WHAT THE TASK ASKS
When writing out the listing below, reproduce every word exactly and skip the pictures.
PROVIDED INFORMATION below:
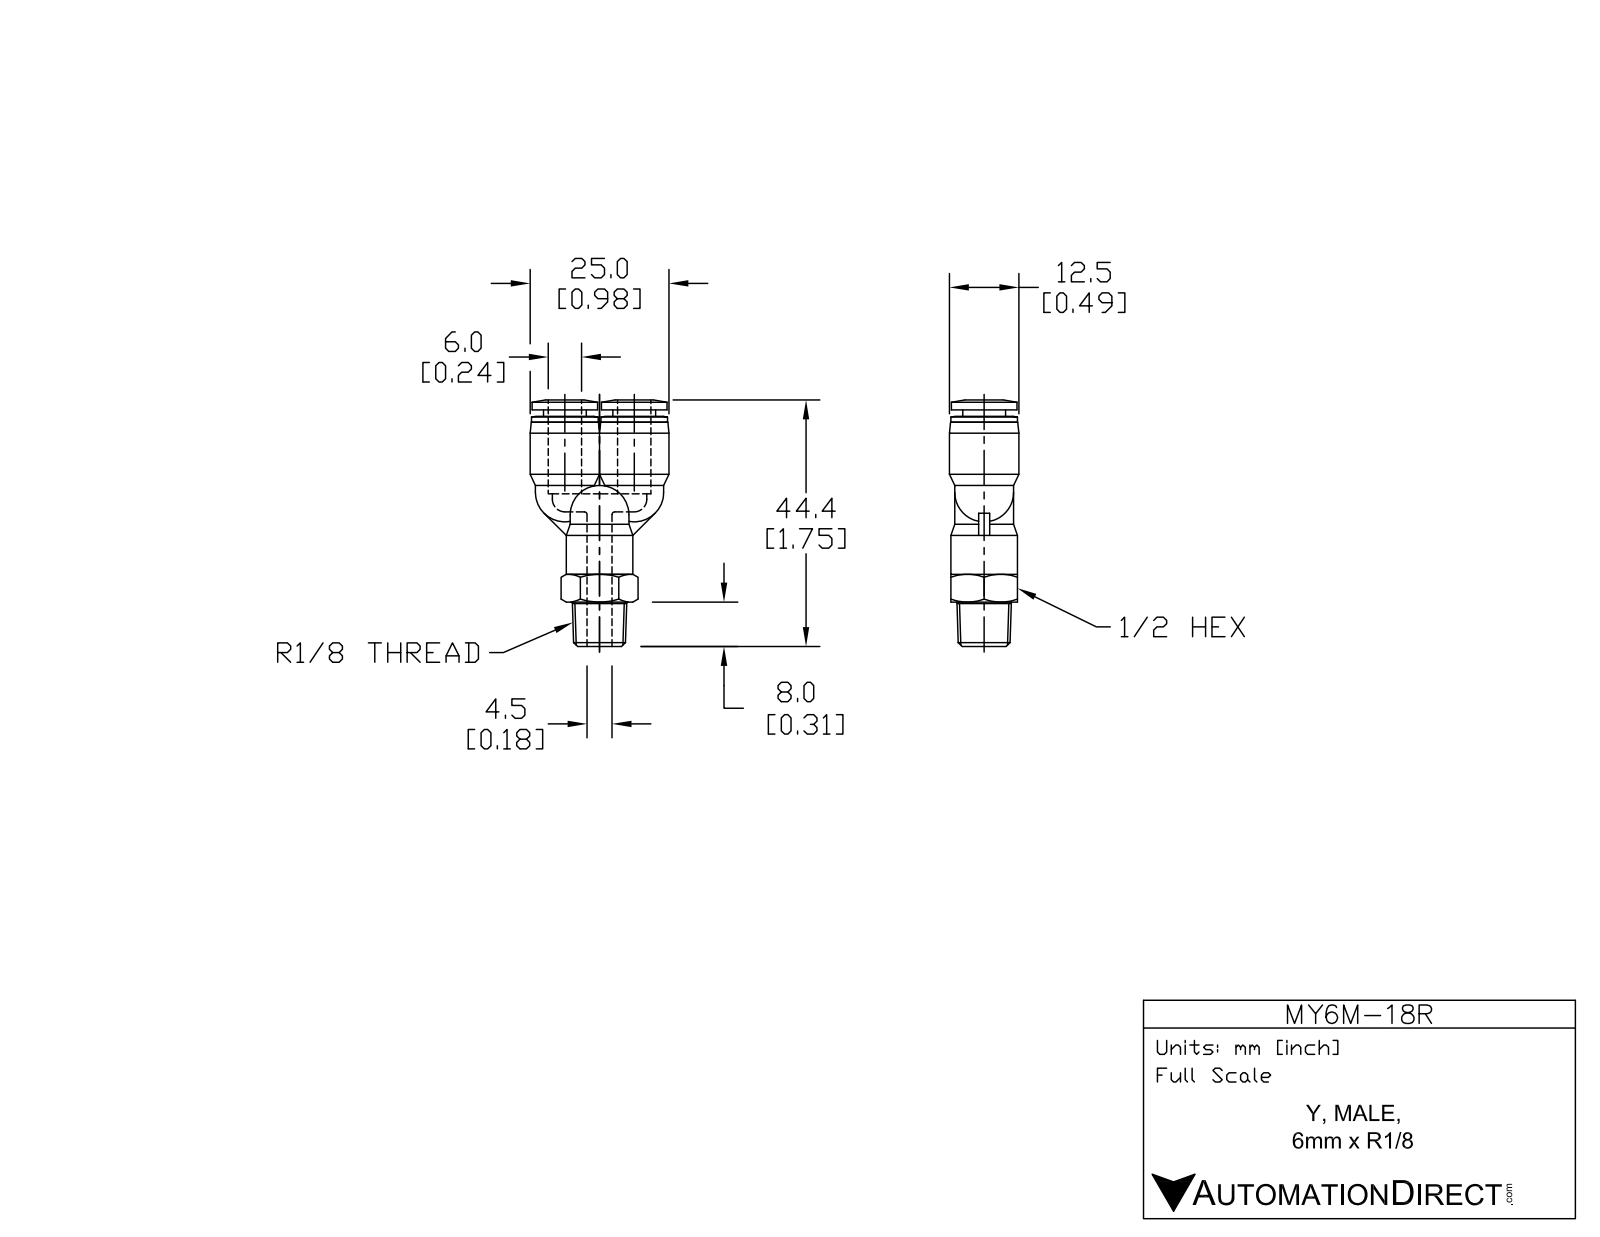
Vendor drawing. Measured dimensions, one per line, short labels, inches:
name: MY6M-18R
written by: SolidWorks 2015 (AUTOMOTIVE_DESIGN)
unit: in
bodies: 1 solid, 101 faces (23 planar, 34 cylindrical, 44 other)
size: 1.748 × 0.984 × 0.492
volume: 0.319 in³; area: 6.255 in²
holes: 4× ⌀0.157, 2× ⌀0.248
bosses: 3× ⌀0.472, 3× ⌀0.417, 2× ⌀0.492, 2× ⌀0.465, 2× ⌀0.303
face distances: 0.472, 0.045, 1.317, 1.362, 0.768, 0.549, 0.594, 0.315, 1.083, 1.632
hole spacings: 0.246, 0.492
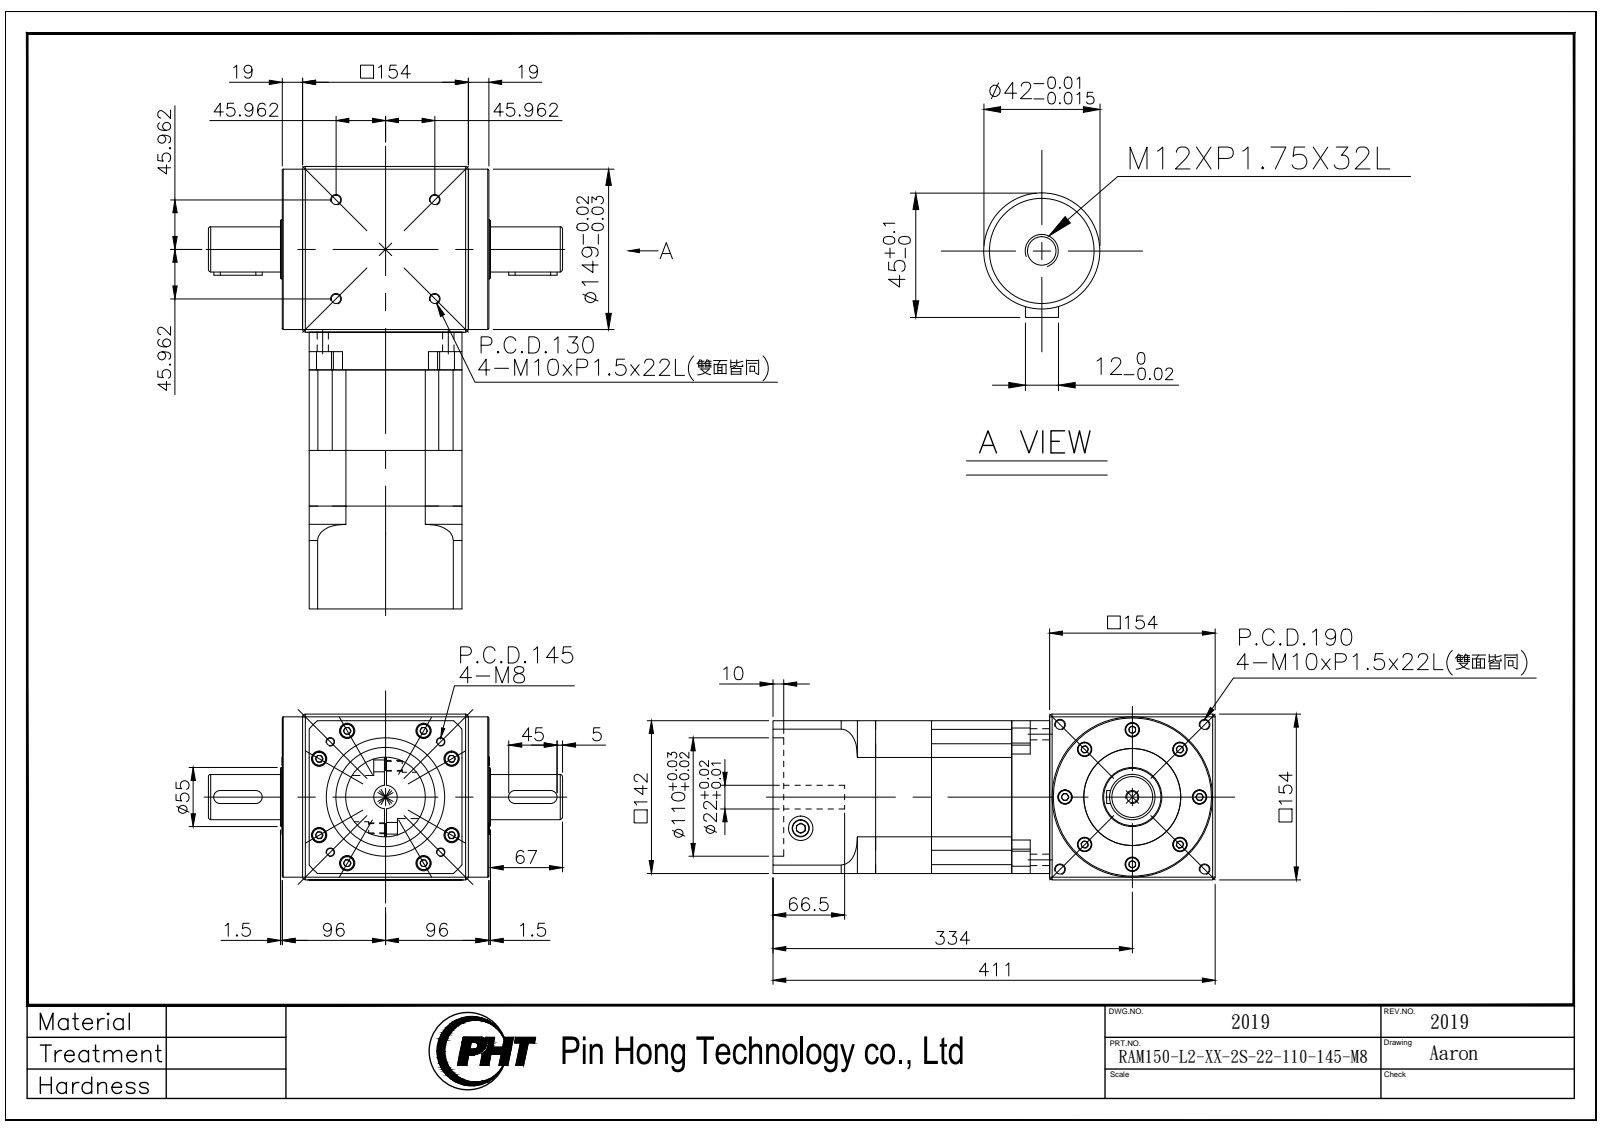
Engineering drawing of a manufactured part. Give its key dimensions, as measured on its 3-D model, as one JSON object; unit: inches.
End of PROVIDED INFORMATION.
FINAL ANSWER
Vendor drawing. Measured dimensions, one per line, short labels, inches:
name: MY6M-18R
written by: SolidWorks 2015 (AUTOMOTIVE_DESIGN)
unit: in
bodies: 1 solid, 101 faces (23 planar, 34 cylindrical, 44 other)
size: 1.748 × 0.984 × 0.492
volume: 0.319 in³; area: 6.255 in²
holes: 4× ⌀0.157, 2× ⌀0.248
bosses: 3× ⌀0.472, 3× ⌀0.417, 2× ⌀0.492, 2× ⌀0.465, 2× ⌀0.303
face distances: 0.472, 0.045, 1.317, 1.362, 0.768, 0.549, 0.594, 0.315, 1.083, 1.632
hole spacings: 0.246, 0.492
Engineering drawing of a manufactured part. Give its key dimensions, as measured on its 3-D model, as one JSON object; unit: inches.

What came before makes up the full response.